Julie Hanson of Scott County said deputy registrars are still unable to complete some basic transactions, including specialty license plate transfers.

"I feel that I've apologized to my customers more in the last five months for our slowdowns, outages, the inability to assist them, more than I have in my adult life," she said.

Car dealers are also complaining about the system and the title processing backlog they've been struggling with since its launch.

Scott Lambert, president of the Minnesota Auto Dealers Association, said transactions that used to be easy are now hard, and customers are unhappy. Lambert said the system is flawed and needs reworking.

"It's a tapestry of workarounds, temporary fixes and patches," Lambert said. "Our problems frankly seem to be getting worse, not better."

State officials have worked eight years and spent more than $90 million on MNLARS.

The system went through extensive testing before its July launch, said Tom Baden, commissioner of Minnesota IT Services. But in hindsight, Baden said he should have spent more time reviewing those test results.

Baden said he thinks they've turned the corner on performance issues with MNLARS, adding that work continues. Baden remained vague when pressed by lawmakers on when the fix would be complete.

"The original plan for the project was to put out a minimally viable product. We have to get that product viable," he said.

Sen. Scott Newman, R-Hutchinson, the committee chair, kept pressing. But he never got the specifics he was looking for. Newman stressed that the system must be fixed.

"I am not here throwing political bombs. I am reacting to my constituents and I'm reacting to what the public has had to say about the rollout of this system," Newman said.
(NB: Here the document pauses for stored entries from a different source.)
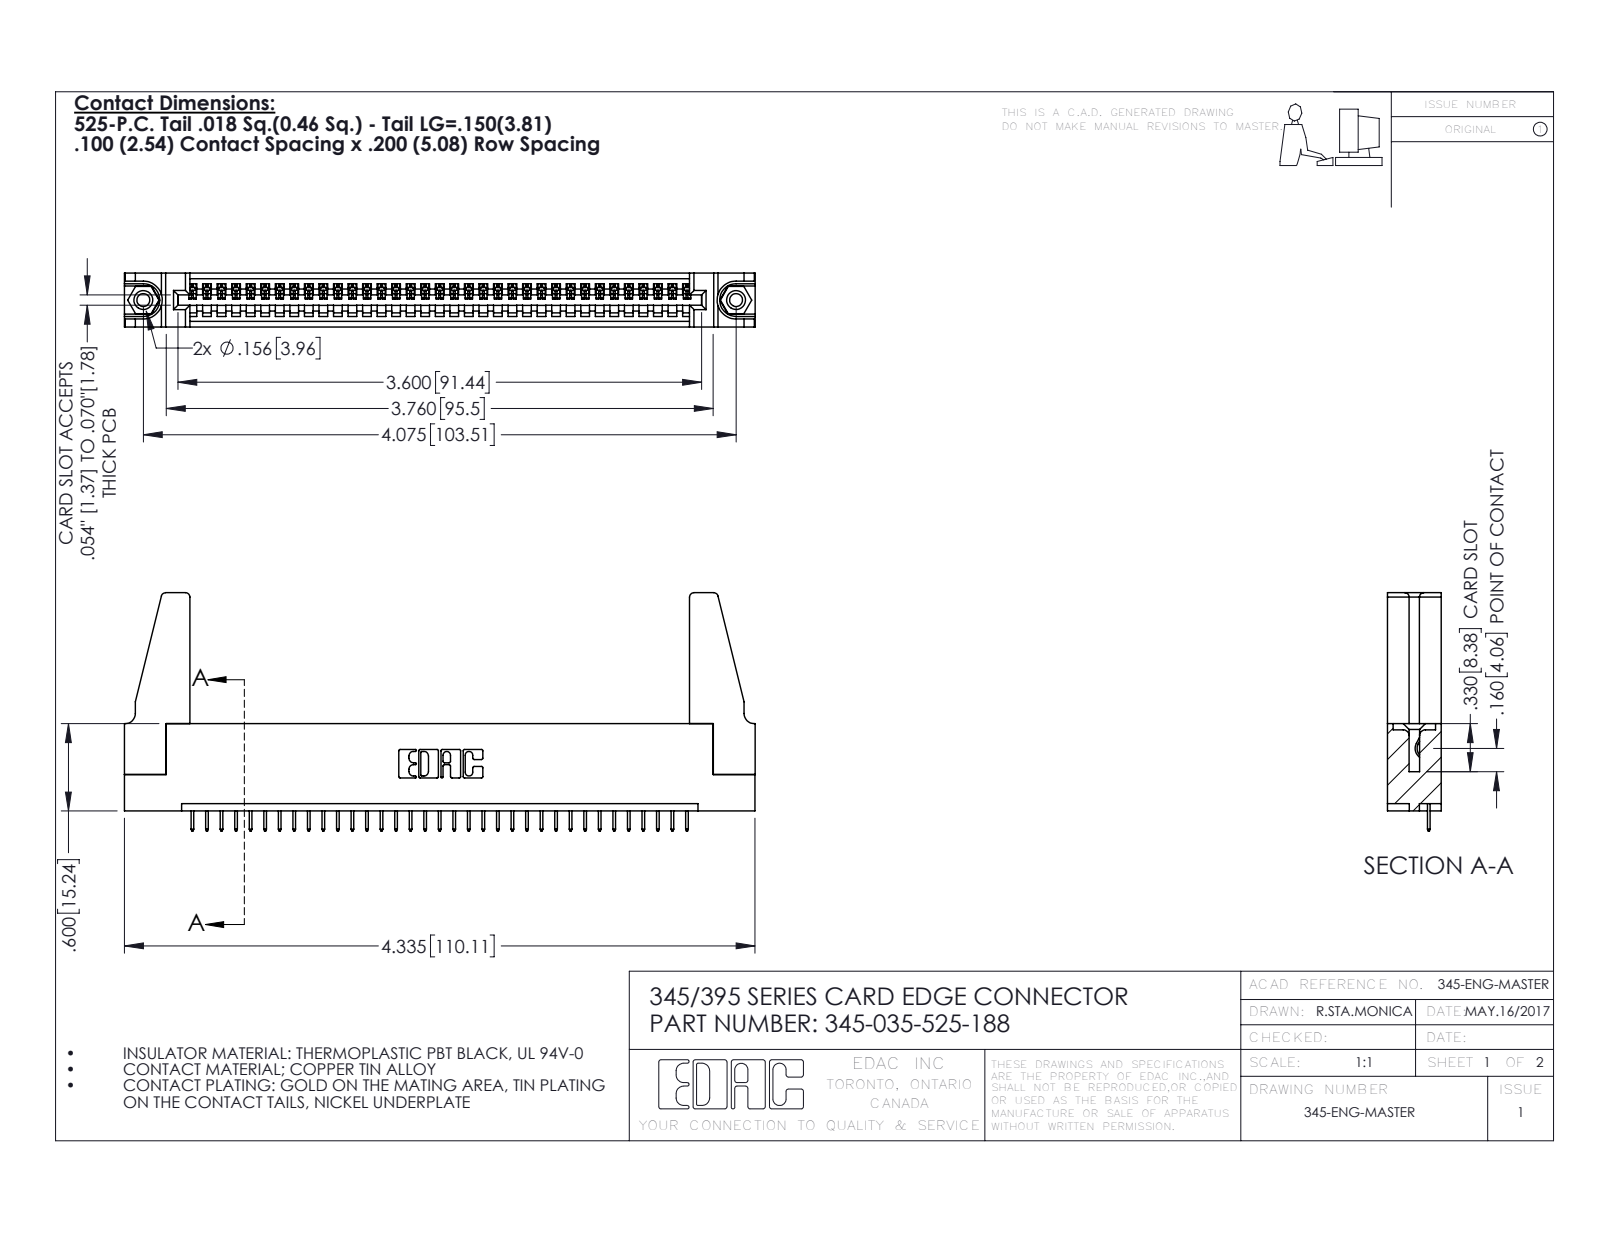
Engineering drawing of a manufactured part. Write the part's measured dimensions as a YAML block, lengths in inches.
part_name: "345-220-078_345-220-088; 345-292-001_345-293-125; 345-250-001_345-250-001-102; 345-035-525-188 (+1 more)"
step_written_by: "SolidWorks 2020 (CONFIG_CONTROL_DESIGN)"
units: inches
bodies: {solids: 40, faces: 2420, planar: 1762, cylindrical: 642, other: 16}
overall_size: [4.336, 1.637, 0.37]
volume: 0.825
surface_area: 25.1
round_holes:
  - {diameter: 0.089, count: 2}
  - {diameter: 0.125, count: 2}
  - {diameter: 0.156, count: 2}
  - {diameter: 0.064, count: 1}
round_bosses_or_shafts:
  - {diameter: 0.155, count: 2}
partial_cylinders:
  - {radius: 0.006, count: 70}
  - {radius: 0.01, count: 22}
  - {radius: 0.03, count: 8}
  - {radius: 0.007, count: 6}
  - {radius: 0.031, count: 6}
  - {radius: 0.026, count: 3}
  - {radius: 0.031, count: 2}
  - {radius: 0.04, count: 2}
face_to_face_distances: [0.072, 0.37, 0.298, 0.2, 0.098, 0.272, 0.025, 0.225, 0.072, 0.149]
hole_center_spacings: [0.27, 3.839, 4.075]
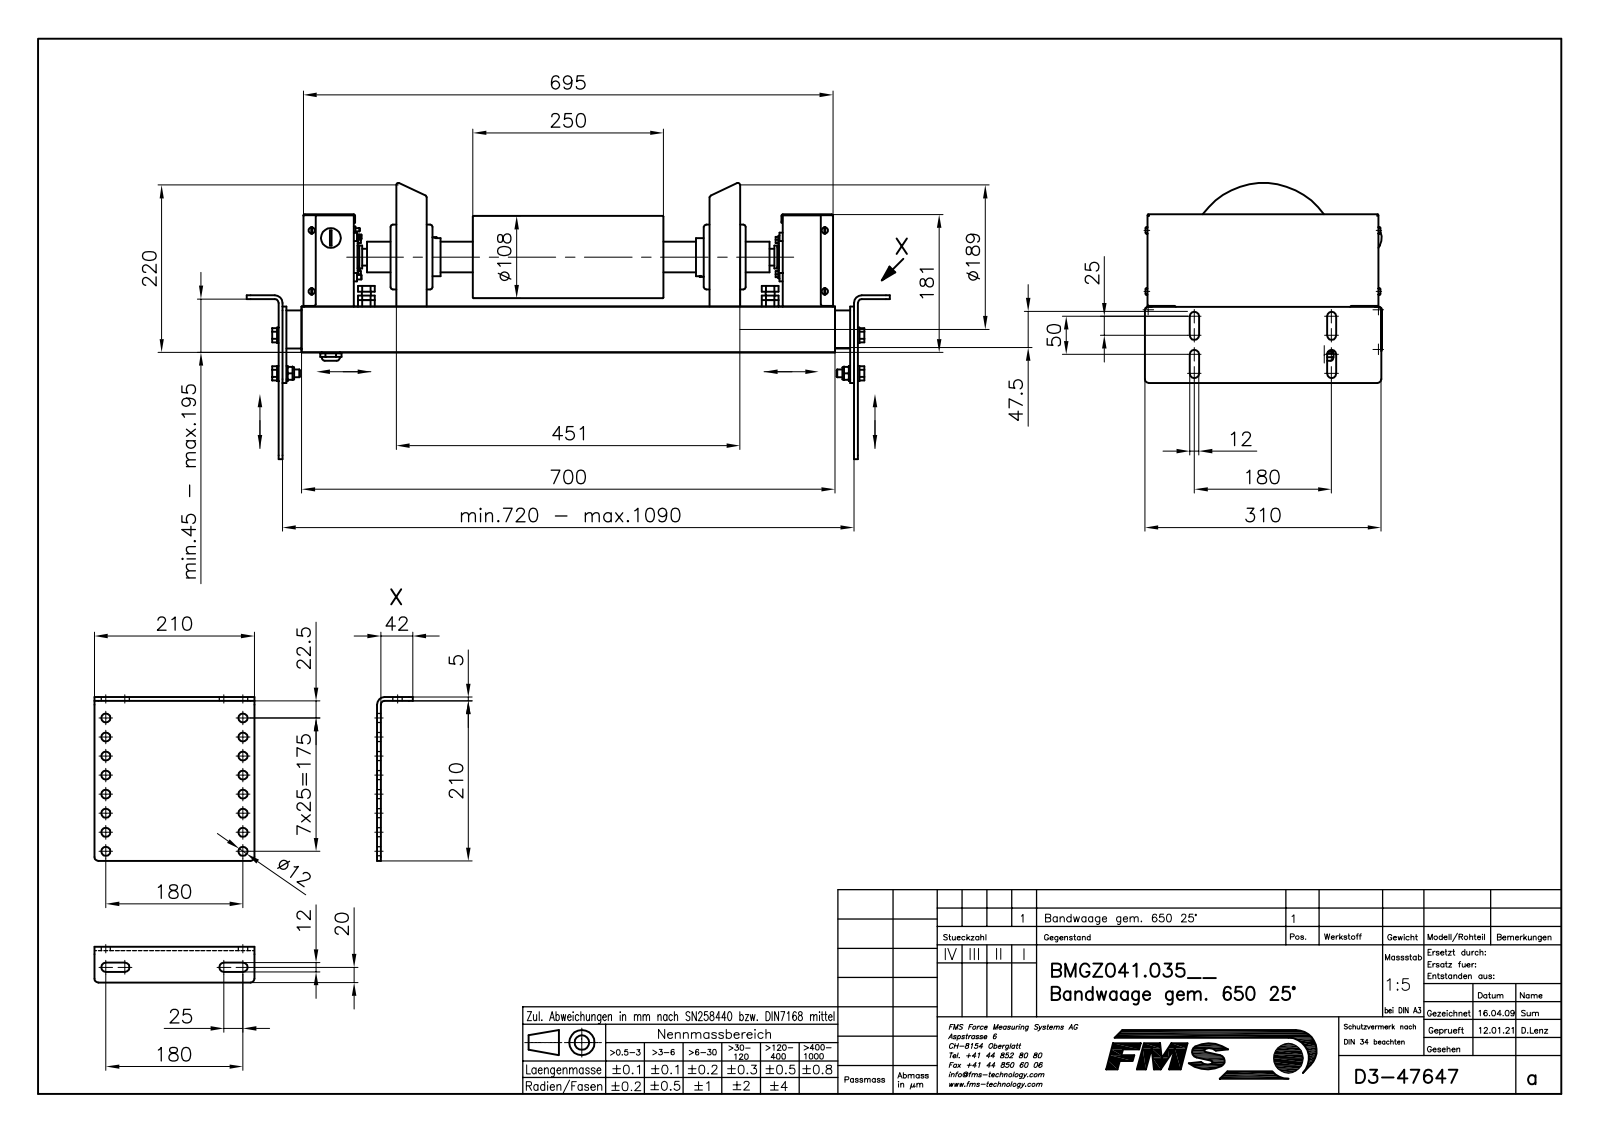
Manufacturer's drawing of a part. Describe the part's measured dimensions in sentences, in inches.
The part is named "B47647_STP; B50029; B46957; B4695602 (+8 more)". Its 3-D file was written by "Mechanical Desktop 2009 (CONFIG_CONTROL_DESIGN)". It is 161 solids with 2732 faces: 1379 planar, 974 cylindrical and 379 other. Overall it measures 33.228 by 14.261 by 12.232 inches. Its volume is 385.9 cubic inches and its surface area 4 924 square inches. Round holes: 17 of diameter 0.472, 6 of diameter 0.197, 4 of diameter 0.138, 4 of diameter 0.193, 4 of diameter 0.252, 4 of diameter 0.342, 4 of diameter 0.344, 4 of diameter 0.394, 4 of diameter 0.413, 4 of diameter 0.42, 4 of diameter 0.583, 3 of diameter 0.161. Round bosses or shafts: 11 of diameter 0.472, 8 of diameter 0.323, 8 of diameter 0.165, 6 of diameter 0.787, 6 of diameter 0.394, 5 of diameter 0.197, 4 of diameter 0.63, 4 of diameter 0.437. Partial cylindrical surfaces (rounded edges, fillets, slot ends): 34 of radius 0.079, 24 of radius 0.039, 16 of radius 0.157, 16 of radius 0.197, 14 of radius 0.236, 8 of radius 0.138, 6 of radius 0.089, 4 of radius 0.02. The main face-to-face distances are 0.157, 0.197, 0.039, 10.63, 1.417, 10.472, 1.26, 2.205, 10.787, 1.575. The hole center spacings are 0.984, 7.155, 1.969, 7.355, 2.953, 7.677, 3.937, 7.087.
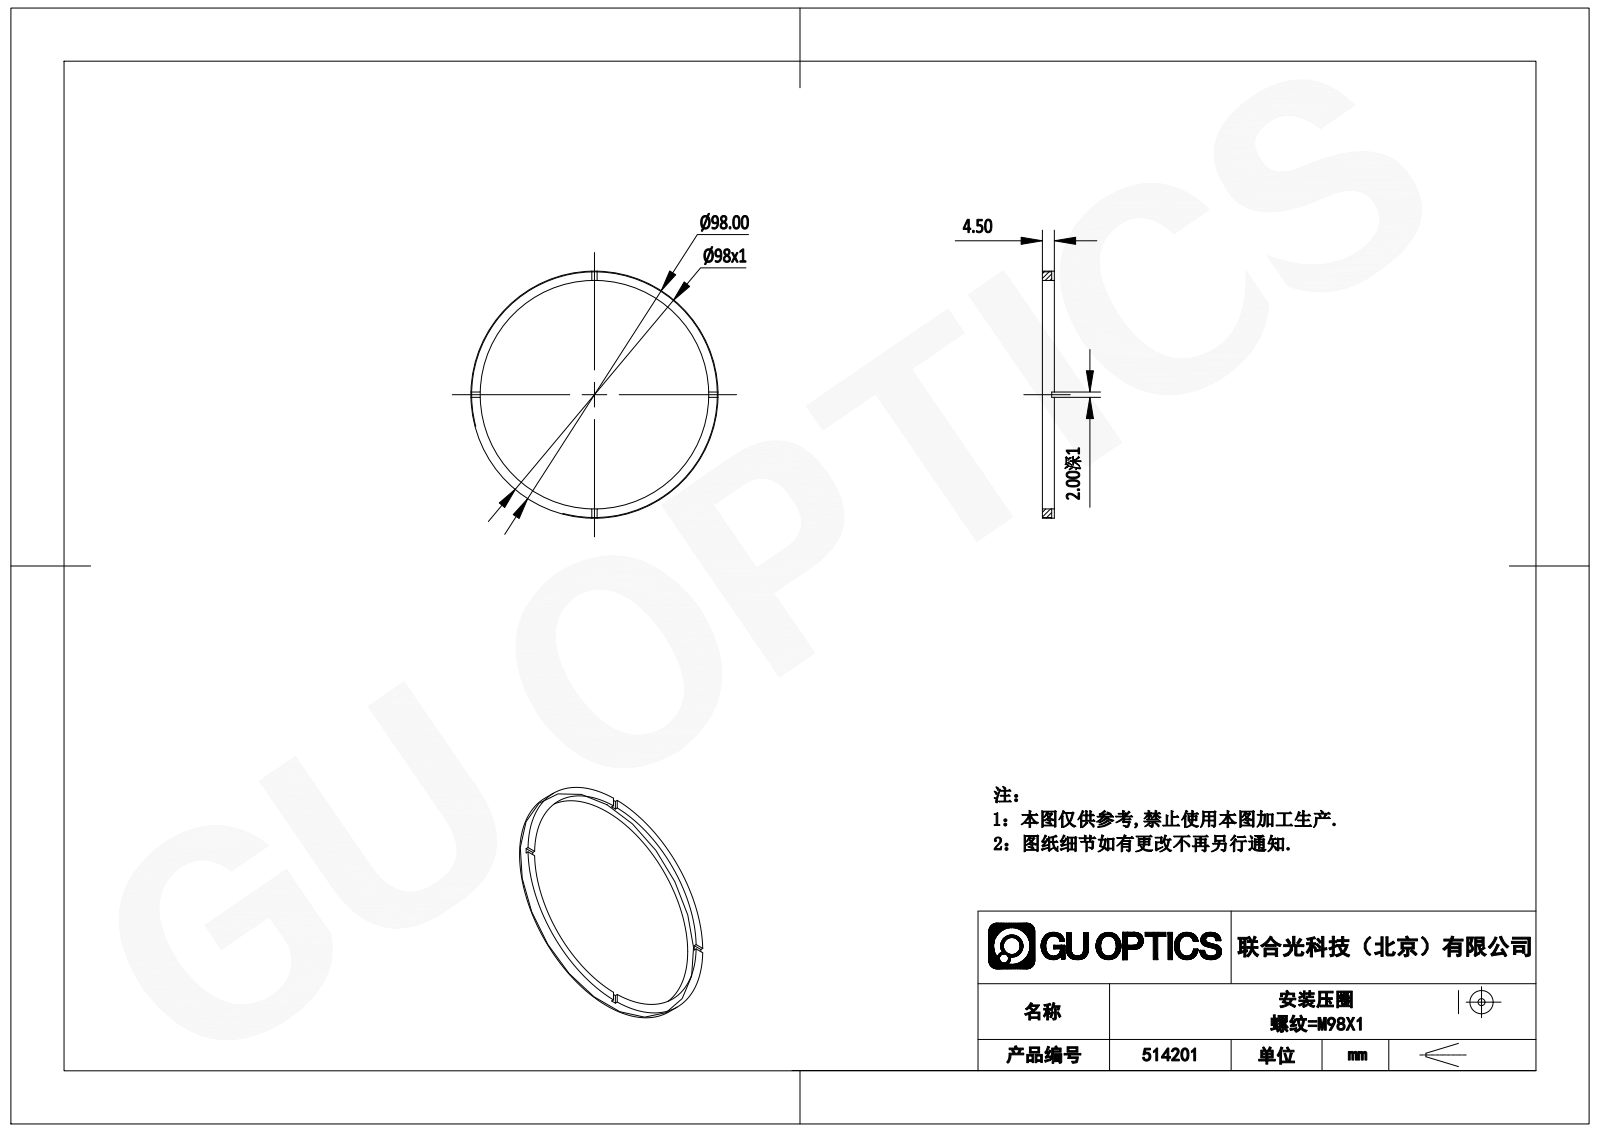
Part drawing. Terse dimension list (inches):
name: 514201
written by: SolidWorks 2020 (CONFIG_CONTROL_DESIGN)
unit: in
bodies: 1 solid, 21 faces (17 planar, 4 cylindrical, 0 other)
size: 3.858 × 3.858 × 0.177
volume: 0.284 in³; area: 7.381 in²
holes: 1× ⌀3.583
bosses: 1× ⌀3.858
face distances: 0.177, 0.138, 0.039, 0.079
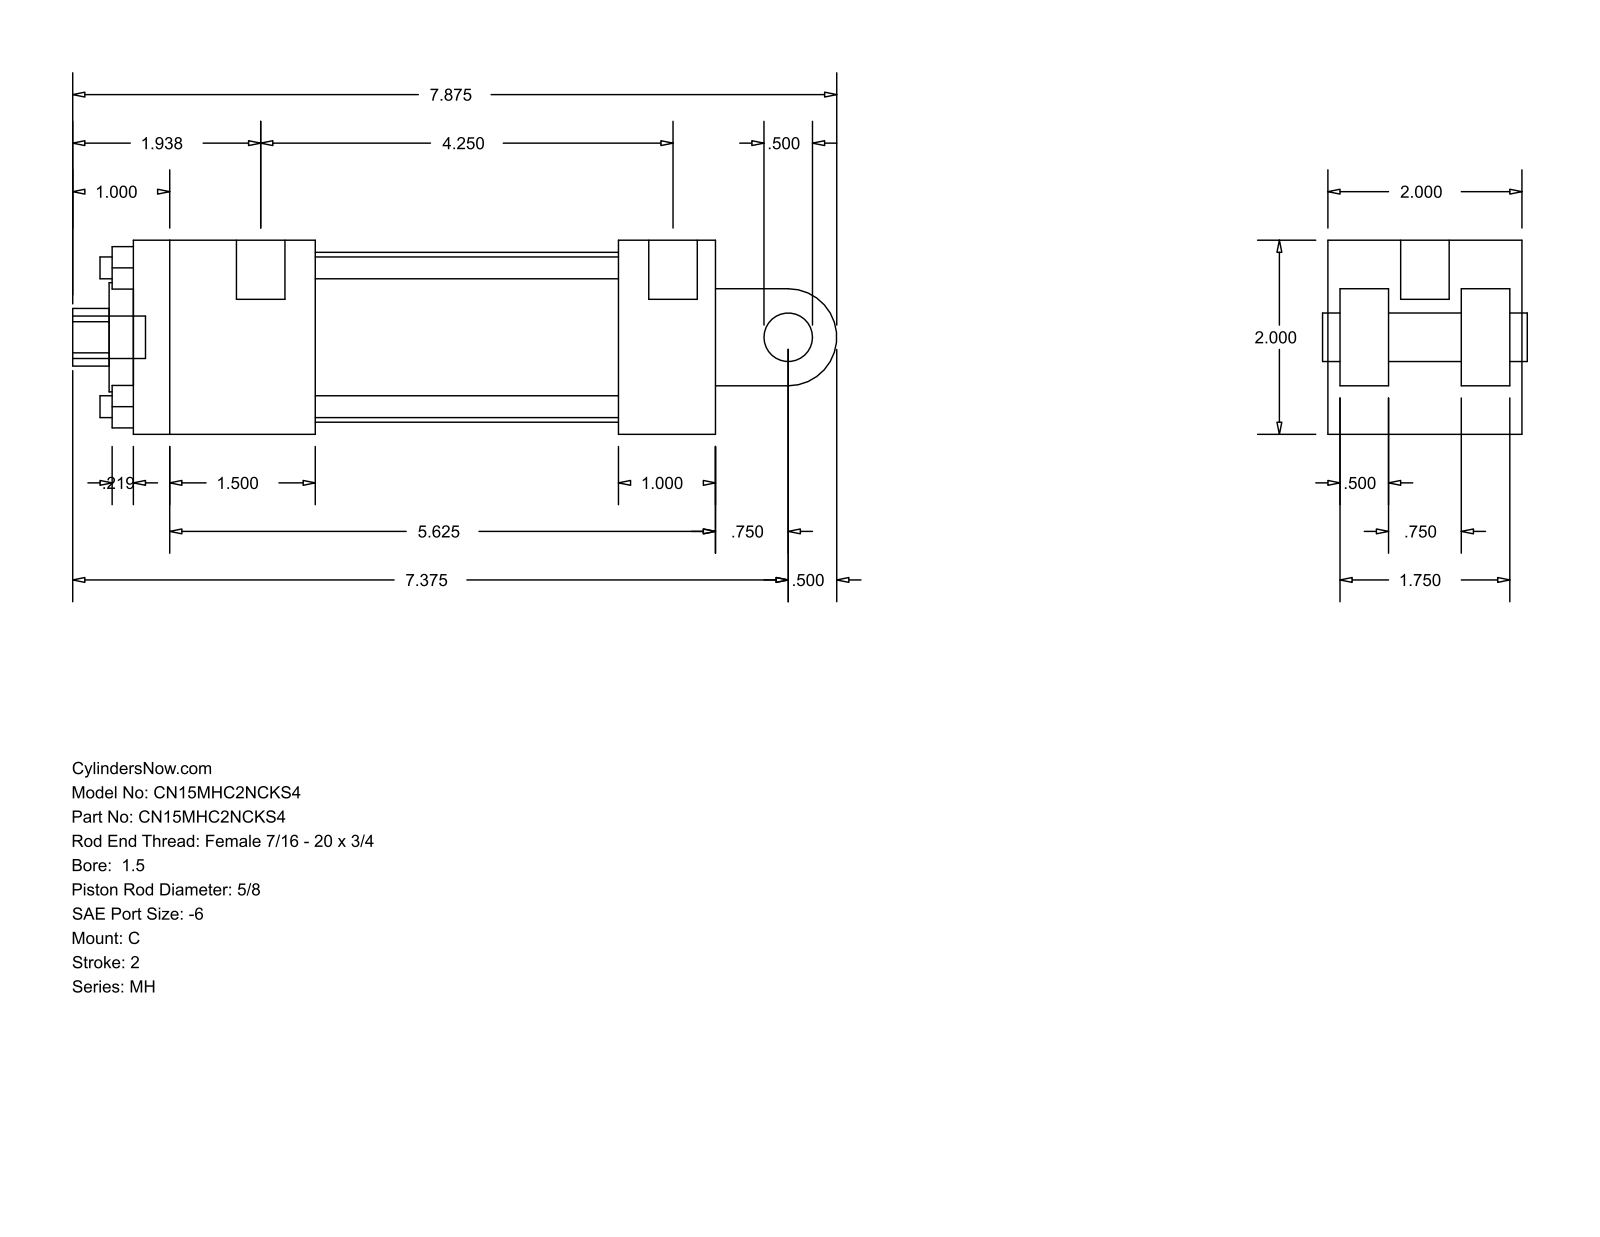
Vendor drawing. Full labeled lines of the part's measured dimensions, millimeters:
Part name (STEP PRODUCT): MH_C__0150_0.625
STEP written by: GSSL Pune (CONFIG_CONTROL_DESIGN)
Units: millimetres
Bodies: 0 solids, 99 faces (70 planar, 29 cylindrical, 0 other)
Overall size (bounding box): 200.03 × 50.8 × 50.8
Round holes (diameter × count): ⌀5.71 ×4, ⌀5.56 ×2, ⌀12.7 ×1, ⌀15.88 ×1, ⌀28.57 ×1, ⌀44.45 ×1
Round bosses / shafts (diameter × count): ⌀12.7 ×2, ⌀5.56 ×2, ⌀11.11 ×1
Partial cylindrical surfaces — rounded edges, fillets, slot ends (radius × count): R7.54 ×1, R12.7 ×1
Main face-to-face distances: 50.8, 12.7, 152.4, 25.4, 3.17, 47.63, 15.87, 34.93, 31.76, 38.1
Hole centre spacings: 25.68, 36.32, 51.36

The next phase of the MNLARS rollout will include the processing of drivers' licenses. New security standards are needed next year to make those licenses compliant with the federal Real ID law.

Baden said he believes the state will meet the deadline. He said negotiations are underway with an outside vendor to take on the Real ID functions of MNLARS, allowing current staff to focus on improving the other areas of the system.

But given the current problems, many lawmakers are concerned about making the state's October 2018 deadline for Real ID.

"That is a big, big, big, big issue that if we're not ready for, we're not going to have time to fix it," said Sen. Melisa Fanzen, DFL-Edina. "It's a federal compliance issue."